The description of the pictures of Pipit’s long gone ancestors and the line “An invitation to the Dance  indicate a marriage into a suitable family which emerged from a limited social circle. There is a suggestion that the speaker has bought into family Karma that is a seriously limiting factor on his aspirations.

 

The title of the poem “A Cooking Egg” represents something that could become a living sentient animal but instead was stifled before it could even begin to develop its full potential.

 

The poem enter a second phase in which the speaker rejects four things which are limiting his aspirations and which he says he will not want in heaven. These are Honour, Capital, Society and Pipit.

 

This is my interpretation of what these represent;

 

Honour (Respectability)

Capital (The need keep up appearances)

Society (A limited and judgmental social circle)

Pipit (Karma)

 

The term “heaven” can be interpreted on 3 levels

 

1)    As a fantasy world into which the speaker escapes.

2)    As the cycle of death and rebirth which will ultimately liberate the speaker and give him new opportunities.

3)    As an student of Esoteric Teaching which will empower him to take control of his destiny.

 

All three are operational in the speaker’s life and I think that there is a good case for the hypothesis that Eliot is portraying someone about to enter into the spiritual path. The first three rejections show the speaker on a par with people who have made things happen and have made an imprint on the world. These doers contrast sharply with the speaker who is a man of inaction. The fourth rejection represents the method by which the speaker will raise his game.

 

All these representations are light hearted on the “just think what I could do basis” of a fantasist who probably does not realize what the spiritual path will involve.
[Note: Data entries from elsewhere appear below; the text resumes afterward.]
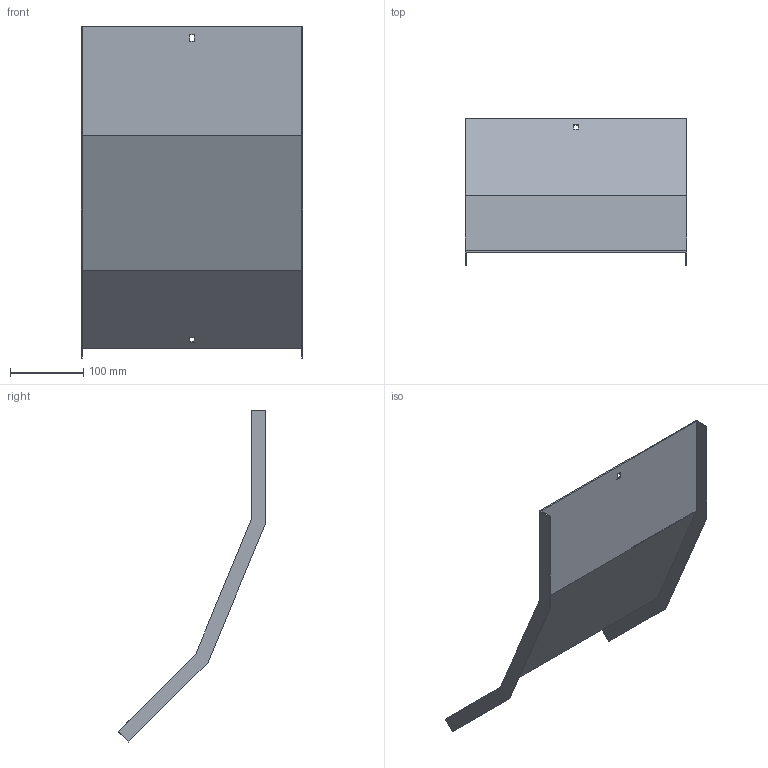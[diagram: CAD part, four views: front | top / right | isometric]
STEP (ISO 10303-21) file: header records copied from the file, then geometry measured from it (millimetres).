
FILE_DESCRIPTION (( 'STEP AP214' ), '1' );
FILE_NAME ('A2X31N5R300X.step', '2025-03-20T09:41:36', ( '' ), ( '' ), 'SwSTEP 2.0', 'SolidWorks 2023', '' );
FILE_SCHEMA (( 'AUTOMOTIVE_DESIGN' ));
Length unit declared in the file: millimetre
Products named in the file (1): A2X31N5R300X
Bounding box: 303 x 201.89 x 453.26 mm (x, y, z)
Volume: 254601.4 mm3; surface area: 342121.8 mm2
Topology: 1 solids, 1 shells, 26 faces, 72 edges, 48 vertices
Faces by surface type: plane 26
Entity records: 847 total; most frequent: CARTESIAN_POINT 147, ORIENTED_EDGE 144, DIRECTION 126, VECTOR 72, EDGE_CURVE 72, LINE 72, VERTEX_POINT 48, EDGE_LOOP 30
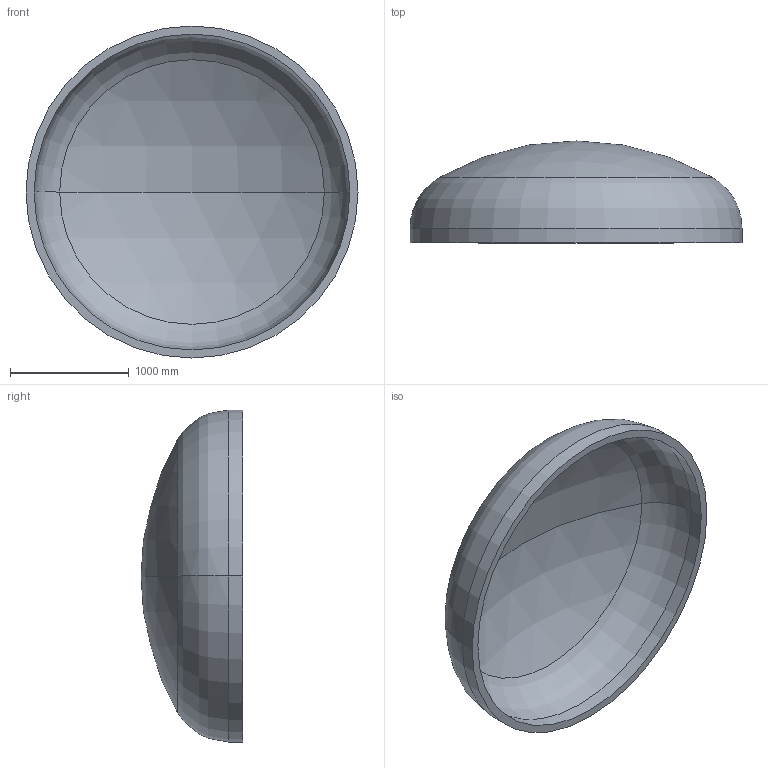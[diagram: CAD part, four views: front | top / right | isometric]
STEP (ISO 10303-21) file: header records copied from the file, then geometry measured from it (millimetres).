
FILE_DESCRIPTION (( 'STEP AP203' ), '1' );
FILE_NAME ('DIN 28013 Korbbogenform_-_Boden DIN 28013 - 2800 x 120 - I - s=68.step', '2016-07-01T17:08:47', ( '' ), ( '' ), 'SwSTEP 2.0', 'SolidWorks 2013', '' );
FILE_SCHEMA (( 'CONFIG_CONTROL_DESIGN' ));
Length unit declared in the file: millimetre
Products named in the file (1): DIN 28013 Korbbogenform_-_Boden DIN 28013 - 2800 x 120 - I - s=68
Bounding box: 2800 x 858.77 x 2800 mm (x, y, z)
Volume: 631442325.5 mm3; surface area: 19165144 mm2
Topology: 1 solids, 1 shells, 13 faces, 24 edges, 14 vertices
Faces by surface type: torus 4, cylinder 4, sphere 4, plane 1
Entity records: 407 total; most frequent: DIRECTION 72, CARTESIAN_POINT 52, ORIENTED_EDGE 48, AXIS2_PLACEMENT_3D 34, EDGE_CURVE 24, CIRCLE 20, EDGE_LOOP 14, VERTEX_POINT 14

The main point being made is that the speaker has realized that a life that once offered so much has delivered so little and he has only himself to blame.

 

The speaker mentions receiving instruction from “Madame Blavatsky”. Eliot was known to have studied Theosophy and it is significant that he uses H P Blavatsky’s name

 

The “Seven Sacred Trances” although not a term that I have found in Theosophy represents levels of development or consciousness and could also represent levels of initiation within an Esoteric Group.

 

Piccarda de Donati probably represents a personal teacher

 

The last two verse of the poem expand the theme of great expectations coming to nothing;

 

“But where is the penny world I bought”

 

shows the high hopes of naďve childhood years and a suggestion that he never fully made the transition from childhood to adulthood.

 

“The red-eyed scavengers are creeping

From Kentish Town and Golder’s Green;”

 

This may be resentment directed towards people whom the speaker considers to be his social inferiors, who have seized the opportunities that should have been his.

 

“Where are the eagles and the trumpets?”

 

This line conveys images of Roman Generals returning in triumph. This is contrasted with “weeping multitudes” who “Droop in a hundred A.B.C.’s”. To the speaker you either live in victory or in defeat, there is no middle ground. In his life he has failed to win first prize in a world where there is no second prize.

 

(An A.B.C. was a tea shop run by the Aerated Bread Company Limited.)

 

The speaker shows at the end of the poem that the Karma of wasted opportunities affects a vast section of the population.